PROVIDED RECORDS:
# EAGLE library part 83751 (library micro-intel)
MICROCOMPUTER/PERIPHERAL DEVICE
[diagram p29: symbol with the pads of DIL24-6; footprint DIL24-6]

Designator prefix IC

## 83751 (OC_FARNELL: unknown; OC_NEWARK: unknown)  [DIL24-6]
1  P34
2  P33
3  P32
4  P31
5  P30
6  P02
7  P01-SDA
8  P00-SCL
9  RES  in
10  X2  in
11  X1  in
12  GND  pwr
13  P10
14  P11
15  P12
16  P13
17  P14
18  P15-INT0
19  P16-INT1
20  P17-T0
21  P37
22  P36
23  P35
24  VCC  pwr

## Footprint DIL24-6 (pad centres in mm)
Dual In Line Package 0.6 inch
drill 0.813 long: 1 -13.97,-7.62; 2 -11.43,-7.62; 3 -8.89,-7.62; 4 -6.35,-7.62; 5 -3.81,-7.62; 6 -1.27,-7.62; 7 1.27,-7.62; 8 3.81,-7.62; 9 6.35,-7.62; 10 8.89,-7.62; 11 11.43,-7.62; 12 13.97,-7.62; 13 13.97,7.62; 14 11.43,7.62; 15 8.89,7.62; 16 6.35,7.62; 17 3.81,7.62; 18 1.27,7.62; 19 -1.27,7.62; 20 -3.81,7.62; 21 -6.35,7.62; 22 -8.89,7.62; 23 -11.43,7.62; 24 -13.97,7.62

WHAT YOU HAVE TO DO:
Transcribe the data. Leave every line exactly as it is.

ANSWER FOR THE TASK:
# EAGLE library part 83751 (library micro-intel)
MICROCOMPUTER/PERIPHERAL DEVICE
[diagram p29: symbol with the pads of DIL24-6; footprint DIL24-6]

Designator prefix IC

## 83751 (OC_FARNELL: unknown; OC_NEWARK: unknown)  [DIL24-6]
1  P34
2  P33
3  P32
4  P31
5  P30
6  P02
7  P01-SDA
8  P00-SCL
9  RES  in
10  X2  in
11  X1  in
12  GND  pwr
13  P10
14  P11
15  P12
16  P13
17  P14
18  P15-INT0
19  P16-INT1
20  P17-T0
21  P37
22  P36
23  P35
24  VCC  pwr

## Footprint DIL24-6 (pad centres in mm)
Dual In Line Package 0.6 inch
drill 0.813 long: 1 -13.97,-7.62; 2 -11.43,-7.62; 3 -8.89,-7.62; 4 -6.35,-7.62; 5 -3.81,-7.62; 6 -1.27,-7.62; 7 1.27,-7.62; 8 3.81,-7.62; 9 6.35,-7.62; 10 8.89,-7.62; 11 11.43,-7.62; 12 13.97,-7.62; 13 13.97,7.62; 14 11.43,7.62; 15 8.89,7.62; 16 6.35,7.62; 17 3.81,7.62; 18 1.27,7.62; 19 -1.27,7.62; 20 -3.81,7.62; 21 -6.35,7.62; 22 -8.89,7.62; 23 -11.43,7.62; 24 -13.97,7.62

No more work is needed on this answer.